About this exercise:
Your answer must be the lines from the start of the records through the line with "layer by layer", exactly as written, without the pictures.

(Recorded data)
__________________________________________________

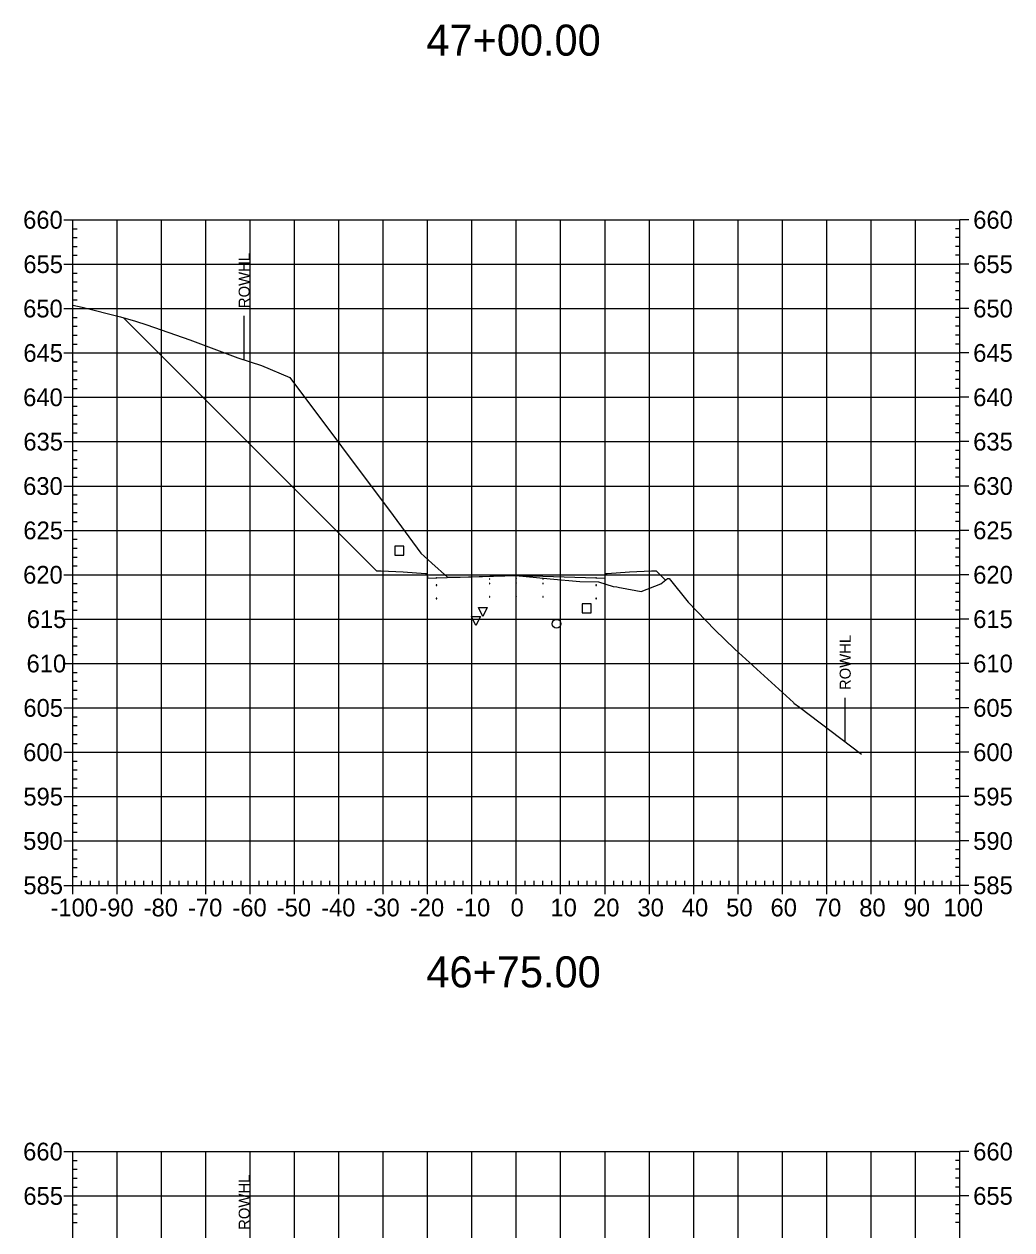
# Model space of a CAD drawing. Extents: x 708103 to 717568, y 374476 to 378707.
# Drawn here: x 712241 to 712463.7, y 377347 to 377618.7 of the extents above; entities that cross this region are included whole.
import ezdxf

# ---------------------------------------------------------------- set-up
doc = ezdxf.new("R2010")
doc.units = 0
for name, color, linetype in [('1', 7, 'Continuous'), ('10', 7, 'Continuous'), ('13', 7, 'Continuous'), ('14', 7, 'Continuous'), ('22', 7, 'Continuous'), ('4', 7, 'Continuous'), ('57', 7, 'Continuous'), ('Existing', 7, 'Continuous'), ('XS_Right_of_Way', 7, 'Continuous')]:
    doc.layers.add(name, color=color, linetype=linetype)

msp = doc.modelspace()

# ---------------------------------------------------------------- linework, layer by layer
for points in [[(712333.93, 377492.24), (712334.03, 377492.24), (712334.03, 377492.34), (712333.93, 377492.34)], [(712345.93, 377493.6), (712346.03, 377493.6), (712346.03, 377493.7), (712345.93, 377493.7)], [(712345.93, 377492.6), (712346.03, 377492.6), (712346.03, 377492.7), (712345.93, 377492.7)], [(712351.93, 377493.72), (712352.03, 377493.72), (712352.03, 377493.82), (712351.93, 377493.82)], [(712351.93, 377492.72), (712352.03, 377492.72), (712352.03, 377492.82), (712351.93, 377492.82)], [(712357.93, 377493.6), (712358.03, 377493.6), (712358.03, 377493.7), (712357.93, 377493.7)], [(712357.93, 377492.6), (712358.03, 377492.6), (712358.03, 377492.7), (712357.93, 377492.7)], [(712369.93, 377492.24), (712370.03, 377492.24), (712370.03, 377492.34), (712369.93, 377492.34)], [(712345.93, 377489.6), (712346.03, 377489.6), (712346.03, 377489.7), (712345.93, 377489.7)], [(712351.93, 377489.72), (712352.03, 377489.72), (712352.03, 377489.82), (712351.93, 377489.82)], [(712357.93, 377489.6), (712358.03, 377489.6), (712358.03, 377489.7), (712357.93, 377489.7)], [(712333.93, 377489.24), (712334.03, 377489.24), (712334.03, 377489.34), (712333.93, 377489.34)], [(712369.93, 377489.24), (712370.03, 377489.24), (712370.03, 377489.34), (712369.93, 377489.34)]]:
    msp.add_lwpolyline(points, close=True)
at = {"layer": '1'}
for points in [[(712344.45, 377485.25), (712343.45, 377487.25), (712345.45, 377487.25)], [(712342.88, 377483.21), (712341.88, 377485.21), (712343.88, 377485.21)]]:
    msp.add_lwpolyline(points, close=True, dxfattribs=at)
at = {"layer": '10'}
msp.add_lwpolyline([(712324.59, 377499.07), (712326.59, 377499.07), (712326.59, 377501.07), (712324.59, 377501.07)], close=True, dxfattribs=at)
at = {"layer": '13'}
msp.add_circle((712361.05, 377483.58), 1, dxfattribs=at)
at = {"layer": '14'}
for points in [[(712263.46, 377552.54), (712263.46, 377552.59), (712263.46, 377552.54), (712263.41, 377552.54), (712263.46, 377552.54), (712263.46, 377552.49), (712263.46, 377552.54), (712263.51, 377552.54)], [(712333.98, 377493.96), (712333.98, 377494.01), (712333.98, 377493.96), (712333.93, 377493.96), (712333.98, 377493.96), (712333.98, 377493.91), (712333.98, 377493.96), (712334.03, 377493.96)], [(712351.98, 377494.44), (712351.98, 377494.49), (712351.98, 377494.44), (712351.93, 377494.44), (712351.98, 377494.44), (712351.98, 377494.39), (712351.98, 377494.44), (712352.03, 377494.44)], [(712369.98, 377493.96), (712369.98, 377494.01), (712369.98, 377493.96), (712369.93, 377493.96), (712369.98, 377493.96), (712369.98, 377493.91), (712369.98, 377493.96), (712370.03, 377493.96)], [(712385.6, 377493.4), (712385.6, 377493.45), (712385.6, 377493.4), (712385.55, 377493.4), (712385.6, 377493.4), (712385.6, 377493.35), (712385.6, 377493.4), (712385.65, 377493.4)]]:
    msp.add_lwpolyline(points, dxfattribs=at)
at = {"layer": '22'}
msp.add_lwpolyline([(712263.46, 377552.54), (712320.48, 377495.52), (712321.48, 377495.48), (712326.48, 377495.28), (712331.48, 377494.88), (712331.9, 377494.88), (712331.98, 377493.88), (712333.98, 377493.96), (712345.98, 377494.32), (712351.98, 377494.44), (712357.98, 377494.32), (712369.98, 377493.96), (712371.98, 377493.88), (712372.07, 377494.88), (712372.48, 377494.88), (712377.48, 377495.28), (712382.48, 377495.48), (712383.48, 377495.52), (712385.6, 377493.4)], dxfattribs=at)
at = {"layer": '4'}
msp.add_lwpolyline([(712366.85, 377486.07), (712368.85, 377486.07), (712368.85, 377488.07), (712366.85, 377488.07)], close=True, dxfattribs=at)
at = {"layer": '57'}
for p, q in [((712249.98, 377574.63), (712251.98, 377574.63)), ((712251.98, 377574.63), (712451.98, 377574.63)), ((712251.98, 377424.63), (712251.98, 377574.63)), ((712251.98, 377424.63), (712251.98, 377574.63)), ((712261.98, 377424.63), (712261.98, 377574.63)), ((712271.98, 377424.63), (712271.98, 377574.63)), ((712281.98, 377424.63), (712281.98, 377574.63)), ((712291.98, 377424.63), (712291.98, 377574.63)), ((712301.98, 377424.63), (712301.98, 377574.63)), ((712311.98, 377424.63), (712311.98, 377574.63)), ((712321.98, 377424.63), (712321.98, 377574.63)), ((712331.98, 377424.63), (712331.98, 377574.63)), ((712341.98, 377424.63), (712341.98, 377574.63)), ((712351.98, 377424.63), (712351.98, 377574.63)), ((712361.98, 377424.63), (712361.98, 377574.63)), ((712371.98, 377424.63), (712371.98, 377574.63)), ((712381.98, 377424.63), (712381.98, 377574.63)), ((712391.98, 377424.63), (712391.98, 377574.63)), ((712401.98, 377424.63), (712401.98, 377574.63)), ((712411.98, 377424.63), (712411.98, 377574.63)), ((712421.98, 377424.63), (712421.98, 377574.63)), ((712431.98, 377424.63), (712431.98, 377574.63)), ((712441.98, 377424.63), (712441.98, 377574.63)), ((712451.98, 377424.63), (712451.98, 377574.63)), ((712451.98, 377424.63), (712451.98, 377574.63)), ((712453.98, 377574.63), (712451.98, 377574.63)), ((712251.98, 377572.63), (712252.98, 377572.63)), ((712451.98, 377572.63), (712450.98, 377572.63)), ((712251.98, 377570.63), (712252.98, 377570.63)), ((712251.98, 377568.63), (712252.98, 377568.63)), ((712451.98, 377570.63), (712450.98, 377570.63)), ((712451.98, 377568.63), (712450.98, 377568.63)), ((712251.98, 377566.63), (712252.98, 377566.63)), ((712451.98, 377566.63), (712450.98, 377566.63)), ((712249.98, 377564.63), (712251.98, 377564.63)), ((712251.98, 377564.63), (712451.98, 377564.63)), ((712453.98, 377564.63), (712451.98, 377564.63)), ((712251.98, 377562.63), (712252.98, 377562.63)), ((712251.98, 377560.63), (712252.98, 377560.63)), ((712451.98, 377562.63), (712450.98, 377562.63)), ((712451.98, 377560.63), (712450.98, 377560.63)), ((712251.98, 377558.63), (712252.98, 377558.63)), ((712451.98, 377558.63), (712450.98, 377558.63)), ((712251.98, 377556.63), (712252.98, 377556.63)), ((712451.98, 377556.63), (712450.98, 377556.63)), ((712249.98, 377554.63), (712251.98, 377554.63)), ((712251.98, 377554.63), (712451.98, 377554.63)), ((712251.98, 377552.63), (712252.98, 377552.63)), ((712451.98, 377552.63), (712450.98, 377552.63)), ((712453.98, 377554.63), (712451.98, 377554.63)), ((712251.98, 377550.63), (712252.98, 377550.63)), ((712451.98, 377550.63), (712450.98, 377550.63)), ((712251.98, 377548.63), (712252.98, 377548.63)), ((712251.98, 377546.63), (712252.98, 377546.63)), ((712451.98, 377548.63), (712450.98, 377548.63)), ((712451.98, 377546.63), (712450.98, 377546.63)), ((712249.98, 377544.63), (712251.98, 377544.63)), ((712251.98, 377544.63), (712451.98, 377544.63)), ((712453.98, 377544.63), (712451.98, 377544.63)), ((712251.98, 377542.63), (712252.98, 377542.63)), ((712451.98, 377542.63), (712450.98, 377542.63)), ((712251.98, 377540.63), (712252.98, 377540.63)), ((712251.98, 377538.63), (712252.98, 377538.63)), ((712451.98, 377540.63), (712450.98, 377540.63)), ((712451.98, 377538.63), (712450.98, 377538.63)), ((712251.98, 377536.63), (712252.98, 377536.63)), ((712451.98, 377536.63), (712450.98, 377536.63)), ((712249.98, 377534.63), (712251.98, 377534.63)), ((712251.98, 377534.63), (712451.98, 377534.63)), ((712453.98, 377534.63), (712451.98, 377534.63)), ((712251.98, 377532.63), (712252.98, 377532.63)), ((712251.98, 377530.63), (712252.98, 377530.63)), ((712451.98, 377532.63), (712450.98, 377532.63)), ((712451.98, 377530.63), (712450.98, 377530.63)), ((712251.98, 377528.63), (712252.98, 377528.63)), ((712451.98, 377528.63), (712450.98, 377528.63)), ((712251.98, 377526.63), (712252.98, 377526.63)), ((712451.98, 377526.63), (712450.98, 377526.63)), ((712249.98, 377524.63), (712251.98, 377524.63)), ((712251.98, 377524.63), (712451.98, 377524.63)), ((712251.98, 377522.63), (712252.98, 377522.63)), ((712451.98, 377522.63), (712450.98, 377522.63)), ((712453.98, 377524.63), (712451.98, 377524.63)), ((712251.98, 377520.63), (712252.98, 377520.63)), ((712451.98, 377520.63), (712450.98, 377520.63)), ((712251.98, 377518.63), (712252.98, 377518.63)), ((712451.98, 377518.63), (712450.98, 377518.63)), ((712249.98, 377514.63), (712251.98, 377514.63)), ((712251.98, 377516.63), (712252.98, 377516.63)), ((712251.98, 377514.63), (712451.98, 377514.63)), ((712451.98, 377516.63), (712450.98, 377516.63)), ((712453.98, 377514.63), (712451.98, 377514.63)), ((712251.98, 377512.63), (712252.98, 377512.63)), ((712451.98, 377512.63), (712450.98, 377512.63)), ((712251.98, 377510.63), (712252.98, 377510.63)), ((712251.98, 377508.63), (712252.98, 377508.63)), ((712451.98, 377510.63), (712450.98, 377510.63)), ((712451.98, 377508.63), (712450.98, 377508.63)), ((712251.98, 377506.63), (712252.98, 377506.63)), ((712451.98, 377506.63), (712450.98, 377506.63)), ((712249.98, 377504.63), (712251.98, 377504.63)), ((712251.98, 377504.63), (712451.98, 377504.63)), ((712453.98, 377504.63), (712451.98, 377504.63)), ((712251.98, 377502.63), (712252.98, 377502.63)), ((712251.98, 377500.63), (712252.98, 377500.63)), ((712451.98, 377502.63), (712450.98, 377502.63)), ((712451.98, 377500.63), (712450.98, 377500.63)), ((712251.98, 377498.63), (712252.98, 377498.63)), ((712451.98, 377498.63), (712450.98, 377498.63)), ((712251.98, 377496.63), (712252.98, 377496.63)), ((712451.98, 377496.63), (712450.98, 377496.63)), ((712249.98, 377494.63), (712251.98, 377494.63)), ((712251.98, 377494.63), (712451.98, 377494.63)), ((712251.98, 377492.63), (712252.98, 377492.63)), ((712451.98, 377492.63), (712450.98, 377492.63)), ((712453.98, 377494.63), (712451.98, 377494.63)), ((712251.98, 377490.63), (712252.98, 377490.63)), ((712451.98, 377490.63), (712450.98, 377490.63)), ((712251.98, 377488.63), (712252.98, 377488.63)), ((712451.98, 377488.63), (712450.98, 377488.63)), ((712249.98, 377484.63), (712251.98, 377484.63)), ((712251.98, 377486.63), (712252.98, 377486.63)), ((712251.98, 377484.63), (712451.98, 377484.63)), ((712451.98, 377486.63), (712450.98, 377486.63)), ((712453.98, 377484.63), (712451.98, 377484.63)), ((712251.98, 377482.63), (712252.98, 377482.63)), ((712451.98, 377482.63), (712450.98, 377482.63)), ((712251.98, 377480.63), (712252.98, 377480.63)), ((712251.98, 377478.63), (712252.98, 377478.63)), ((712451.98, 377480.63), (712450.98, 377480.63)), ((712451.98, 377478.63), (712450.98, 377478.63)), ((712251.98, 377476.63), (712252.98, 377476.63)), ((712451.98, 377476.63), (712450.98, 377476.63)), ((712249.98, 377474.63), (712251.98, 377474.63)), ((712251.98, 377474.63), (712451.98, 377474.63)), ((712453.98, 377474.63), (712451.98, 377474.63)), ((712251.98, 377472.63), (712252.98, 377472.63)), ((712251.98, 377470.63), (712252.98, 377470.63)), ((712451.98, 377472.63), (712450.98, 377472.63)), ((712451.98, 377470.63), (712450.98, 377470.63)), ((712251.98, 377468.63), (712252.98, 377468.63)), ((712451.98, 377468.63), (712450.98, 377468.63)), ((712251.98, 377466.63), (712252.98, 377466.63)), ((712451.98, 377466.63), (712450.98, 377466.63)), ((712249.98, 377464.63), (712251.98, 377464.63)), ((712251.98, 377464.63), (712451.98, 377464.63)), ((712251.98, 377462.63), (712252.98, 377462.63)), ((712451.98, 377462.63), (712450.98, 377462.63)), ((712453.98, 377464.63), (712451.98, 377464.63)), ((712251.98, 377460.63), (712252.98, 377460.63)), ((712451.98, 377460.63), (712450.98, 377460.63)), ((712251.98, 377458.63), (712252.98, 377458.63)), ((712451.98, 377458.63), (712450.98, 377458.63)), ((712249.98, 377454.63), (712251.98, 377454.63)), ((712251.98, 377456.63), (712252.98, 377456.63)), ((712251.98, 377454.63), (712451.98, 377454.63)), ((712451.98, 377456.63), (712450.98, 377456.63)), ((712453.98, 377454.63), (712451.98, 377454.63)), ((712251.98, 377452.63), (712252.98, 377452.63)), ((712451.98, 377452.63), (712450.98, 377452.63)), ((712251.98, 377450.63), (712252.98, 377450.63)), ((712451.98, 377450.63), (712450.98, 377450.63)), ((712251.98, 377448.63), (712252.98, 377448.63)), ((712251.98, 377446.63), (712252.98, 377446.63)), ((712451.98, 377448.63), (712450.98, 377448.63)), ((712451.98, 377446.63), (712450.98, 377446.63)), ((712249.98, 377444.63), (712251.98, 377444.63)), ((712251.98, 377444.63), (712451.98, 377444.63)), ((712453.98, 377444.63), (712451.98, 377444.63)), ((712251.98, 377442.63), (712252.98, 377442.63)), ((712251.98, 377440.63), (712252.98, 377440.63)), ((712451.98, 377442.63), (712450.98, 377442.63)), ((712451.98, 377440.63), (712450.98, 377440.63)), ((712251.98, 377438.63), (712252.98, 377438.63)), ((712451.98, 377438.63), (712450.98, 377438.63)), ((712251.98, 377436.63), (712252.98, 377436.63)), ((712451.98, 377436.63), (712450.98, 377436.63)), ((712249.98, 377434.63), (712251.98, 377434.63)), ((712251.98, 377434.63), (712451.98, 377434.63)), ((712251.98, 377432.63), (712252.98, 377432.63)), ((712451.98, 377432.63), (712450.98, 377432.63)), ((712453.98, 377434.63), (712451.98, 377434.63)), ((712251.98, 377430.63), (712252.98, 377430.63)), ((712451.98, 377430.63), (712450.98, 377430.63)), ((712251.98, 377428.63), (712252.98, 377428.63)), ((712451.98, 377428.63), (712450.98, 377428.63)), ((712249.98, 377424.63), (712251.98, 377424.63)), ((712251.98, 377426.63), (712252.98, 377426.63)), ((712251.98, 377424.63), (712451.98, 377424.63)), ((712251.98, 377424.63), (712451.98, 377424.63)), ((712251.98, 377422.63), (712251.98, 377424.63)), ((712253.98, 377424.63), (712253.98, 377425.63)), ((712255.98, 377424.63), (712255.98, 377425.63)), ((712257.98, 377424.63), (712257.98, 377425.63)), ((712259.98, 377424.63), (712259.98, 377425.63)), ((712261.98, 377422.63), (712261.98, 377424.63)), ((712263.98, 377424.63), (712263.98, 377425.63)), ((712265.98, 377424.63), (712265.98, 377425.63)), ((712267.98, 377424.63), (712267.98, 377425.63)), ((712269.98, 377424.63), (712269.98, 377425.63)), ((712271.98, 377422.63), (712271.98, 377424.63)), ((712273.98, 377424.63), (712273.98, 377425.63)), ((712275.98, 377424.63), (712275.98, 377425.63)), ((712277.98, 377424.63), (712277.98, 377425.63)), ((712279.98, 377424.63), (712279.98, 377425.63)), ((712281.98, 377422.63), (712281.98, 377424.63)), ((712283.98, 377424.63), (712283.98, 377425.63)), ((712285.98, 377424.63), (712285.98, 377425.63)), ((712287.98, 377424.63), (712287.98, 377425.63)), ((712289.98, 377424.63), (712289.98, 377425.63)), ((712291.98, 377422.63), (712291.98, 377424.63)), ((712293.98, 377424.63), (712293.98, 377425.63)), ((712295.98, 377424.63), (712295.98, 377425.63)), ((712297.98, 377424.63), (712297.98, 377425.63)), ((712299.98, 377424.63), (712299.98, 377425.63)), ((712301.98, 377422.63), (712301.98, 377424.63)), ((712303.98, 377424.63), (712303.98, 377425.63)), ((712305.98, 377424.63), (712305.98, 377425.63)), ((712307.98, 377424.63), (712307.98, 377425.63)), ((712309.98, 377424.63), (712309.98, 377425.63)), ((712311.98, 377422.63), (712311.98, 377424.63)), ((712313.98, 377424.63), (712313.98, 377425.63)), ((712315.98, 377424.63), (712315.98, 377425.63)), ((712317.98, 377424.63), (712317.98, 377425.63)), ((712319.98, 377424.63), (712319.98, 377425.63)), ((712321.98, 377422.63), (712321.98, 377424.63)), ((712323.98, 377424.63), (712323.98, 377425.63)), ((712325.98, 377424.63), (712325.98, 377425.63)), ((712327.98, 377424.63), (712327.98, 377425.63)), ((712329.98, 377424.63), (712329.98, 377425.63)), ((712331.98, 377422.63), (712331.98, 377424.63)), ((712333.98, 377424.63), (712333.98, 377425.63)), ((712335.98, 377424.63), (712335.98, 377425.63)), ((712337.98, 377424.63), (712337.98, 377425.63)), ((712339.98, 377424.63), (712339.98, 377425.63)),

__________________________________________________

Response box:
# Model space of a CAD drawing. Extents: x 708103 to 717568, y 374476 to 378707.
# Drawn here: x 712241 to 712463.7, y 377347 to 377618.7 of the extents above; entities that cross this region are included whole.
import ezdxf

# ---------------------------------------------------------------- set-up
doc = ezdxf.new("R2010")
doc.units = 0
for name, color, linetype in [('1', 7, 'Continuous'), ('10', 7, 'Continuous'), ('13', 7, 'Continuous'), ('14', 7, 'Continuous'), ('22', 7, 'Continuous'), ('4', 7, 'Continuous'), ('57', 7, 'Continuous'), ('Existing', 7, 'Continuous'), ('XS_Right_of_Way', 7, 'Continuous')]:
    doc.layers.add(name, color=color, linetype=linetype)

msp = doc.modelspace()

# ---------------------------------------------------------------- linework, layer by layer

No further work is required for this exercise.